Why Wikipedia is Dying - andrewjho
https://medium.com/@andrewjho/why-wikipedia-is-dying-f2e5604df62f#.uwtahyxqf
======
jdietrich
1) Wikipedia is not dying. It is the sixth most popular website on the
internet. Traffic to Wikipedia continues to grow at above-average rates.

2) Wikipedia does not have a shortage of editors. It is in fact overwhelmed
with editors who have a net-negative impact on Wikipedia's stated mission. By
failing to read the rules and failing to accept the rules when informed of
them, you have made yourself a net-negative contributor. These rules are not
inscrutable, but are publicly available and explained in depth. The admin who
removed your content provided a link to the relevant rule.
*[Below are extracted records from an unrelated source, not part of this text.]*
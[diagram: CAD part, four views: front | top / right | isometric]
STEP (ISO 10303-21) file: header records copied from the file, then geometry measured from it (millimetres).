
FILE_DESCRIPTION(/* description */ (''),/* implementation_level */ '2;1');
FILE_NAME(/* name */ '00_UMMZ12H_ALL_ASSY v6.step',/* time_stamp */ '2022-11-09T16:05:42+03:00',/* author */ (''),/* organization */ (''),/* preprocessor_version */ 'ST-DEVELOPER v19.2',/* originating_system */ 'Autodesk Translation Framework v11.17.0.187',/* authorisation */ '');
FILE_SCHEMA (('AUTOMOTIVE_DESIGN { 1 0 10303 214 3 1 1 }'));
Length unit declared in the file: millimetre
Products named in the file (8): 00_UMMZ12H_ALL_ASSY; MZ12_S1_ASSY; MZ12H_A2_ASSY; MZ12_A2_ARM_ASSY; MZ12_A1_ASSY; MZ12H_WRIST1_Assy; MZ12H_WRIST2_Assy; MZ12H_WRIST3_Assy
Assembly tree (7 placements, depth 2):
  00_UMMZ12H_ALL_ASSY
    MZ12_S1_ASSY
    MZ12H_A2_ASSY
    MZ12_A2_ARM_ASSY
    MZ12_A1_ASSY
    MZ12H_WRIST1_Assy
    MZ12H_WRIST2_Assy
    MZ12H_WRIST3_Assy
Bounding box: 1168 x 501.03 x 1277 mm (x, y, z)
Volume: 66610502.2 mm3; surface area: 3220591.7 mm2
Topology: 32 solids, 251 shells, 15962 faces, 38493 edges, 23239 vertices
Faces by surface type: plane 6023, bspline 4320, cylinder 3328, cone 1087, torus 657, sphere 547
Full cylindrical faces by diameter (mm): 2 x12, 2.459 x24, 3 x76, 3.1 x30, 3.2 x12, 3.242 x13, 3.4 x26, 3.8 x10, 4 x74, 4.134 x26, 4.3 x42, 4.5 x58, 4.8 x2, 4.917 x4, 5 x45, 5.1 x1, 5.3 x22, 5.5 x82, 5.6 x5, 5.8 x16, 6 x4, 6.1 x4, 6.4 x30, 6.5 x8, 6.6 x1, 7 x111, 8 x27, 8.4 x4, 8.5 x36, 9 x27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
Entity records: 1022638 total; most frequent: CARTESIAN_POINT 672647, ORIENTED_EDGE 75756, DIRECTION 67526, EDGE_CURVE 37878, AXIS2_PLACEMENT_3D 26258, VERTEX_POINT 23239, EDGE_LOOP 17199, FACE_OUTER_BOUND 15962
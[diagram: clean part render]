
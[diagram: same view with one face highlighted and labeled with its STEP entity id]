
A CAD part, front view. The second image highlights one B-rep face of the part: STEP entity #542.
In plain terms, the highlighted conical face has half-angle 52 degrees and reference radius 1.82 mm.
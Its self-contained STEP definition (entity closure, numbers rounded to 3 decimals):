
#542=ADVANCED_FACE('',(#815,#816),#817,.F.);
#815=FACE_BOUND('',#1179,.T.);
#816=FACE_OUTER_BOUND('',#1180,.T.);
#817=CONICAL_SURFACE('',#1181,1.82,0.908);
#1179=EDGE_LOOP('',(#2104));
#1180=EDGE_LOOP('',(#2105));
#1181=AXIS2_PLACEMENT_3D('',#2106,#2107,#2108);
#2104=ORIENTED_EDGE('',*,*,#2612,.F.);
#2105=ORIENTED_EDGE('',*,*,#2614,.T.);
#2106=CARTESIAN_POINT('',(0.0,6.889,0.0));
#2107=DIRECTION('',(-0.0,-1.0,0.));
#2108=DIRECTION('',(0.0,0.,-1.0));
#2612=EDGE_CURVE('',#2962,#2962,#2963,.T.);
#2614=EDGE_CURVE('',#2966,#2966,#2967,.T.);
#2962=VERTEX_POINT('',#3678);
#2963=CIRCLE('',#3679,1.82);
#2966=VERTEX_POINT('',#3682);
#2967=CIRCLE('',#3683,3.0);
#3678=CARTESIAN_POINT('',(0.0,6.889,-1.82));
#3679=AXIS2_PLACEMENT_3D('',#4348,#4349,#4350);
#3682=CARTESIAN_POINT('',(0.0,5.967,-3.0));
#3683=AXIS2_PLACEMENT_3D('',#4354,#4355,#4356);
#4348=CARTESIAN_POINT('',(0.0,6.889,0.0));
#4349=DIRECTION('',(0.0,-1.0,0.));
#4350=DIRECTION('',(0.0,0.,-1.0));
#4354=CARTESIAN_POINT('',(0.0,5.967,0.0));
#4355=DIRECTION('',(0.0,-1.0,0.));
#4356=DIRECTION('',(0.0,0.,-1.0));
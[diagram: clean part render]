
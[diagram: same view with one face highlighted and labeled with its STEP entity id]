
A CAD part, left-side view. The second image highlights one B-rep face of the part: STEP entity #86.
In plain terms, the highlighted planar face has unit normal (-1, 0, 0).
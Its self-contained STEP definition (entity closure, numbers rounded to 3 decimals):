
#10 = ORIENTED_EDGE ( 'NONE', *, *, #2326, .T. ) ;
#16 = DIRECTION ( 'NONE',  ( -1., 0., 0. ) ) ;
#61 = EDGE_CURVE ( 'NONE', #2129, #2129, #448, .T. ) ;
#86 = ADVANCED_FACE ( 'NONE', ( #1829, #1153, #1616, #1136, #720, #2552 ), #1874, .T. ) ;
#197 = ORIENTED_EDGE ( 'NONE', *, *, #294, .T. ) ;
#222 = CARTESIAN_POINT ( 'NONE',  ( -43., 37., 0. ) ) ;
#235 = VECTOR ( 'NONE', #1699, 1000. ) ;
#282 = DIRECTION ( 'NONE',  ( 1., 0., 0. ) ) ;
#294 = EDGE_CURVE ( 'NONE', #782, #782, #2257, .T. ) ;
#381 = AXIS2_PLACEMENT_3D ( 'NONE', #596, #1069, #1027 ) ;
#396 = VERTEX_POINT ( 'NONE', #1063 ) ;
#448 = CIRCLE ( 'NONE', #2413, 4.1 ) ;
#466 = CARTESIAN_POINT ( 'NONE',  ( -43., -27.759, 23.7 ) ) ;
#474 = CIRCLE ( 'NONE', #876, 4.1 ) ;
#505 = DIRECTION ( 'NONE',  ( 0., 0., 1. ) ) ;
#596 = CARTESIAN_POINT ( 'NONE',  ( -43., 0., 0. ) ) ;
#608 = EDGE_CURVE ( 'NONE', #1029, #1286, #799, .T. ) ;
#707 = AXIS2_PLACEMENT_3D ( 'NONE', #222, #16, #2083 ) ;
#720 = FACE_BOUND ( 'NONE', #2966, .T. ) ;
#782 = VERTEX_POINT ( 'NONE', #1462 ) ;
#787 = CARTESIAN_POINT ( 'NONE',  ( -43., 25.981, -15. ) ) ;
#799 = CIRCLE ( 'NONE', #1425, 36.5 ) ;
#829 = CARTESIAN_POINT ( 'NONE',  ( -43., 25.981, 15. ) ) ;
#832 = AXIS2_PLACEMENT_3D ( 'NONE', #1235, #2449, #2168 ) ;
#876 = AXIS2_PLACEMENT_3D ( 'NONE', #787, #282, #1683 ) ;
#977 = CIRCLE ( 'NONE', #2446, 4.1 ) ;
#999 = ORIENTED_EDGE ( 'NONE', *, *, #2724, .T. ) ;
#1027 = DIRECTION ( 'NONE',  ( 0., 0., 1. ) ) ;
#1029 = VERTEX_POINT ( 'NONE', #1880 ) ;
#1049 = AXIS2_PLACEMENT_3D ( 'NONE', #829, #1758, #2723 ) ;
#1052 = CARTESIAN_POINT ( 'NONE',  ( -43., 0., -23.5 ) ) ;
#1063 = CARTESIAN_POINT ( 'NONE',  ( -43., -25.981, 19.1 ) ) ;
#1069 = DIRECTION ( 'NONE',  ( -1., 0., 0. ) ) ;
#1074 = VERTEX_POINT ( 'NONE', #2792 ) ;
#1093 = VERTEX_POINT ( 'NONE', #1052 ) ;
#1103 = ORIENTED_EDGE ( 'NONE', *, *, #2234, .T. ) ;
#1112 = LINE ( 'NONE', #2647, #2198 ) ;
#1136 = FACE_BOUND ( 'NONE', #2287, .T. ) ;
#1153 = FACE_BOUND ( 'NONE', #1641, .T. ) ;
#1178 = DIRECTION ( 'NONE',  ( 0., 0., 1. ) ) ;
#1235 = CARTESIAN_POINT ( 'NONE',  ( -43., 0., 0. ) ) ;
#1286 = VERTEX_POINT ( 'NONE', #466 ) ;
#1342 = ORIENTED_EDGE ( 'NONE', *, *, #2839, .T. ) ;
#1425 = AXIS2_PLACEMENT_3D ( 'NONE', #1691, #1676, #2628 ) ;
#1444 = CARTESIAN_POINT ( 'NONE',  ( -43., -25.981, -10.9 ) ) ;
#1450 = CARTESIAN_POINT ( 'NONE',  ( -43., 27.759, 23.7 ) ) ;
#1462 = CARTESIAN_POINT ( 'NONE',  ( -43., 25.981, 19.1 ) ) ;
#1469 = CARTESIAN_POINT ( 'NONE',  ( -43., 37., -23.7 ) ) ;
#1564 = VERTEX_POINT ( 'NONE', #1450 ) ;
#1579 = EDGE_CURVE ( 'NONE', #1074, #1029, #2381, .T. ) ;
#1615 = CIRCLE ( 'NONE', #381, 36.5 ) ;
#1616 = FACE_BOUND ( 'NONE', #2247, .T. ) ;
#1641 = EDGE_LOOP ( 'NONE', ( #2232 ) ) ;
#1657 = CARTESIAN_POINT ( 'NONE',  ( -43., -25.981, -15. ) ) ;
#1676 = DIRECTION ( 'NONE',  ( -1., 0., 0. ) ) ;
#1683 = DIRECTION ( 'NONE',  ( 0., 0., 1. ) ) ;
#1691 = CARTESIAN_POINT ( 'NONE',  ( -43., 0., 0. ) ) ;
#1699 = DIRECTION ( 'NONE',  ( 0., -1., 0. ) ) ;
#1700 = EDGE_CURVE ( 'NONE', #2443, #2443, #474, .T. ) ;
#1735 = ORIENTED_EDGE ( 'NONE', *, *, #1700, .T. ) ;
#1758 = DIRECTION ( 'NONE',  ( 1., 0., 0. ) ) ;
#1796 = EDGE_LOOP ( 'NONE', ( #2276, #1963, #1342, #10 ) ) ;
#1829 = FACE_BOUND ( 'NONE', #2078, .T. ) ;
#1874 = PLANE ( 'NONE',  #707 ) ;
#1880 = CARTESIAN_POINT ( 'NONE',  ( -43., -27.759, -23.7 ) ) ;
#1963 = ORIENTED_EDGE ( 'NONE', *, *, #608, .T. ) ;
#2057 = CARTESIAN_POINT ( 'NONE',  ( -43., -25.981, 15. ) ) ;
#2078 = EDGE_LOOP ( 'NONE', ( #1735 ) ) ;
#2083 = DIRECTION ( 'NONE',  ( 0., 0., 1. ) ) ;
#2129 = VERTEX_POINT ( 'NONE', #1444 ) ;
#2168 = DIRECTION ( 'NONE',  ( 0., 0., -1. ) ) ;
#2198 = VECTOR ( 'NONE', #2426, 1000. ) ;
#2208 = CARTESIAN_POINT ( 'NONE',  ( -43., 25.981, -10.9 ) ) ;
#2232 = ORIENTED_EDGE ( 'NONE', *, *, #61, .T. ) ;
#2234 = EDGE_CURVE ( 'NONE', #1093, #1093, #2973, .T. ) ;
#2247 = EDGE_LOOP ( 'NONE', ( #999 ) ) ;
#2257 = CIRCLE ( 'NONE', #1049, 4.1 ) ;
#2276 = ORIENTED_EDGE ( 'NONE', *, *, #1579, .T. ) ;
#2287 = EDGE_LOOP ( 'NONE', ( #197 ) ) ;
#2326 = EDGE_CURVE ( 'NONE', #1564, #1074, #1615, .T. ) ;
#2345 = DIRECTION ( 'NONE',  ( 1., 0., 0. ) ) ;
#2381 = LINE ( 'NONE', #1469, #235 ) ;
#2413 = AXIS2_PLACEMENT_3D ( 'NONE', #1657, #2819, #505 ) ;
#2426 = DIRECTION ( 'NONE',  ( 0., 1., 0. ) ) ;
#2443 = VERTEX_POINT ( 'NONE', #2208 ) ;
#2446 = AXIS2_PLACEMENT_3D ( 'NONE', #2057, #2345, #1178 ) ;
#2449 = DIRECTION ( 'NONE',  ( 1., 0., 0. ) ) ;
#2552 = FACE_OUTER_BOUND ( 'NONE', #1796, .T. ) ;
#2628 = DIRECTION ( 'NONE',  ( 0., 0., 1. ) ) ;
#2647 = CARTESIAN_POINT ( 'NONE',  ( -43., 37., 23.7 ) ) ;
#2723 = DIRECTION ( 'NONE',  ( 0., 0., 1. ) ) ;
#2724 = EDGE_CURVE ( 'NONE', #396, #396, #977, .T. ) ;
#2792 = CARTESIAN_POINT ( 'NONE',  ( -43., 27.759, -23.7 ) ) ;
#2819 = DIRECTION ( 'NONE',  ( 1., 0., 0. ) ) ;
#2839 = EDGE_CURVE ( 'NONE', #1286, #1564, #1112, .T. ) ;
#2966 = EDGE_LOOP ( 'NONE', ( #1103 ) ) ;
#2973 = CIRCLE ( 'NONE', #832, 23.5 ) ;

3) Wikipedia's primary challenge today is quality, not quantity. The
overwhelming number of abusive users create an enormous burden of editing. The
pedants, petty tyrants and robots of Wikipedia may be a deterrent to new
contributors, but they also form the immune system that protects Wikipedia
against abuse.

4) In the space of 15 years, Wikipedia has become the largest and highest-
quality encyclopedia available. The community has developed a complex set of
processes to ensure continued quality. Those processes may be imperfect, but
they are demonstrably effective. Your criticism comes from a position of
complete ignorance as to the necessity and efficacy of those processes.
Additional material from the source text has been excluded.